*Description of the task*. Please transcribe exactly, and only, the lines of the data below between the line holding "Products named in the file (4): CRBC12025_1;" and the line holding "Faces by surface type: cylinder", inclusive.

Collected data
════════════════
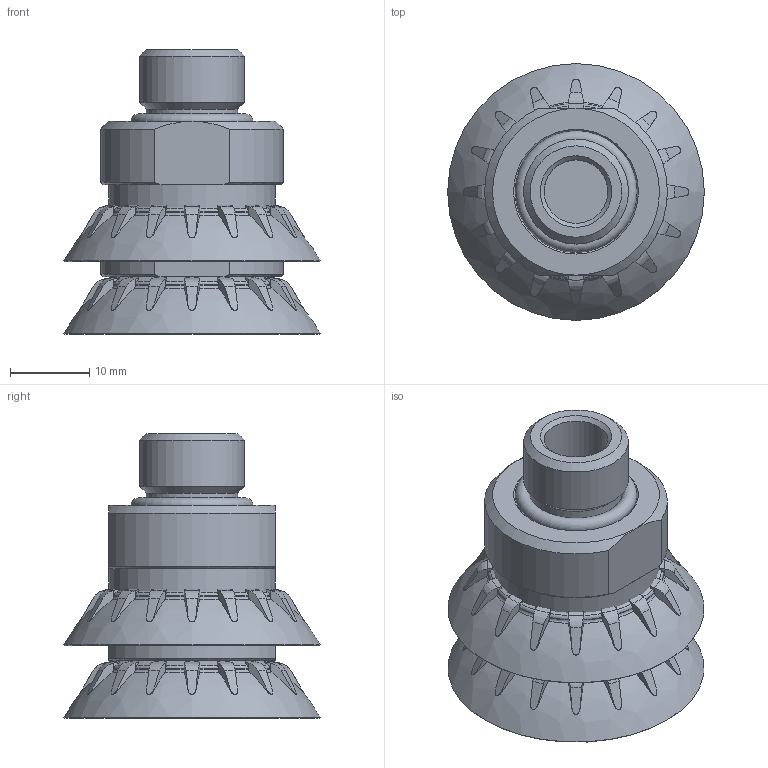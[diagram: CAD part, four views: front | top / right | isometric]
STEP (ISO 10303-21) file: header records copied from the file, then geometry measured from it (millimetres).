
FILE_DESCRIPTION( ( 'Unknown' ), '1' );
FILE_NAME( 'C:/Documents and Settings/Administrator/官帕 拳搁/Magic Cup (Dim)/B1.5/X TYPE/B1.5-20/B1.5-20-X30-N6-A-F2-14M.stp', 'Unknown', ( 'Unknown' ), ( 'Unknown' ), 'XStep 1.0', 'Unknown', ' ' );
FILE_SCHEMA( ( 'automotive_design' ) );
Length unit declared in the file: millimetre
Products named in the file (8): Assem1; Assem2; Assem3; 赤20 STOPPER ; X30(DIM); B1.5-20(DIM); 20-14M(DIM); 14M-Oring(DIM)
Bounding box: 32.28 x 32.28 x 35.83 mm (x, y, z)
Volume: 21347.6 mm3; surface area: 24295.1 mm2
Topology: 15 solids, 15 shells, 1917 faces, 4989 edges, 3144 vertices
Faces by surface type: plane 522, torus 483, cylinder 429, cone 288, bspline 195
Full cylindrical faces by diameter (mm): 8 x3, 9.8 x3, 11.5 x3, 11.9 x6, 13.2 x3, 13.4 x3, 14.4 x3, 15 x6, 15.3 x3, 15.7 x3, 16 x3, 17 x3, 17.5 x3, 19.8 x3, 21 x3, 23 x3
Entity records: 26758 total; most frequent: CARTESIAN_POINT 12057, ORIENTED_EDGE 3158, DIRECTION 2435, EDGE_CURVE 1579, AXIS2_PLACEMENT_3D 1090, VERTEX_POINT 1039, B_SPLINE_CURVE_WITH_KNOTS 816, EDGE_LOOP 734
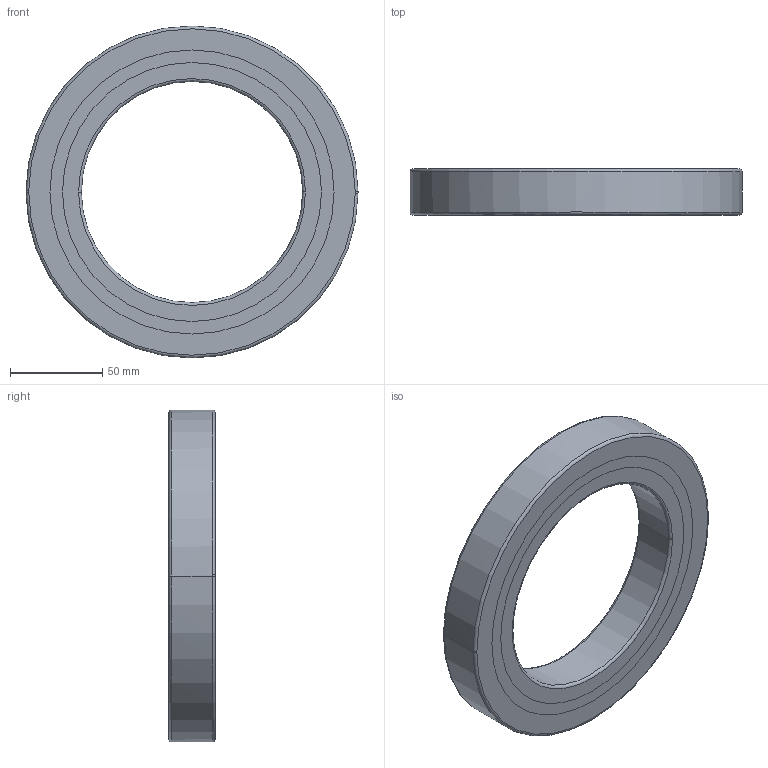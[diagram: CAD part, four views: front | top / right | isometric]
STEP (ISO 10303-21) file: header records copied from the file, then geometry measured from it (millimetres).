
FILE_DESCRIPTION(('no description'),'unknown implementation level');
FILE_NAME('CRBC12025_4.stp',' ',('HIWIN GmbH'),('CADClick - KiM GmbH - www.kimweb.de'),'unknown preprocess','ACIS','unknown authorization');
FILE_SCHEMA(('automotive_design'));
Length unit declared in the file: millimetre
Products named in the file (4): CRBC12025_1; CRBC12025_2; CRBC12025_3; CRBC12025
Bounding box: 180 x 25 x 180 mm (x, y, z)
Volume: 286482.2 mm3; surface area: 83733.6 mm2
Topology: 4 solids, 4 shells, 40 faces, 88 edges, 56 vertices
Faces by surface type: cylinder 16, torus 16, plane 8
Entity records: 2289 total; most frequent: DIRECTION 248, STYLED_ITEM 188, PRESENTATION_STYLE_ASSIGNMENT 188, CARTESIAN_POINT 188, COLOUR_RGB 188, ORIENTED_EDGE 176, AXIS2_PLACEMENT_3D 116, EDGE_CURVE 88
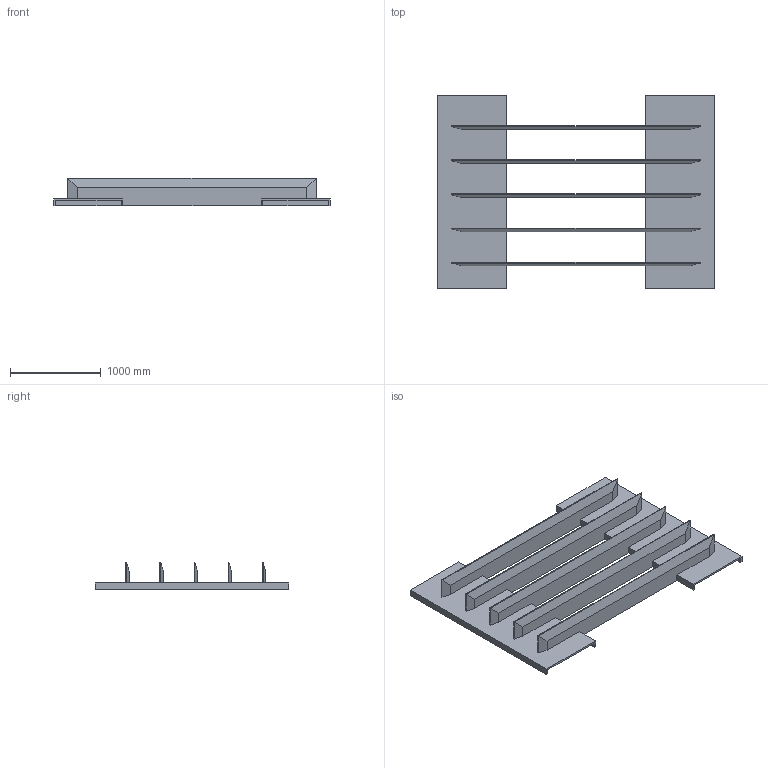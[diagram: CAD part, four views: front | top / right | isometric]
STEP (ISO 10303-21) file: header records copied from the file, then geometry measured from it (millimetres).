
FILE_DESCRIPTION(/* description */ ('','CAx-IF Rec.Pracs.---Representation and Presentation of Product Manufacturing Information (PMI)---4.0---2014-10-13'),/* implementation_level */ '2;1');
FILE_NAME(/* name */ 'AERO^CS3.stp',/* time_stamp */ '2024-12-05T16:48:58-05:00',/* author */ ('mbowman'),/* organization */ (''),/* preprocessor_version */ 'ST-DEVELOPER v19.2',/* originating_system */ 'Autodesk Inventor 2023',/* authorisation */ '');
FILE_SCHEMA (('AP242_MANAGED_MODEL_BASED_3D_ENGINEERING_MIM_LF { 1 0 10303 442 1 1 4 }'));
Length unit declared in the file: inch
Products named in the file (3): AERO^WALL HUNG_SHELF STORAGE-SOLID ASSEMBLY; AERO^WALL HUNG_SHELF STORAGE-WALL PARTS SOLID; AERO^WALL HUNG_SHELF STORAGE-SHELF
Assembly tree (7 placements, depth 2):
  AERO^WALL HUNG_SHELF STORAGE-SOLID ASSEMBLY
    AERO^WALL HUNG_SHELF STORAGE-WALL PARTS SOLID  x2
    AERO^WALL HUNG_SHELF STORAGE-SHELF  x5
Bounding box: 3048 x 2133.6 x 304.8 mm (x, y, z)
Volume: 191096573 mm3; surface area: 16598628.8 mm2
Topology: 13 solids, 13 shells, 113 faces, 251 edges, 164 vertices
Faces by surface type: plane 113
Entity records: 1397 total; most frequent: CARTESIAN_POINT 273, DIRECTION 189, ORIENTED_EDGE 158, LINE 79, VECTOR 79, EDGE_CURVE 79, STYLED_ITEM 60, AXIS2_PLACEMENT_3D 55
════════════════
*Result*.
Products named in the file (4): CRBC12025_1; CRBC12025_2; CRBC12025_3; CRBC12025
Bounding box: 180 x 25 x 180 mm (x, y, z)
Volume: 286482.2 mm3; surface area: 83733.6 mm2
Topology: 4 solids, 4 shells, 40 faces, 88 edges, 56 vertices
Faces by surface type: cylinder 16, torus 16, plane 8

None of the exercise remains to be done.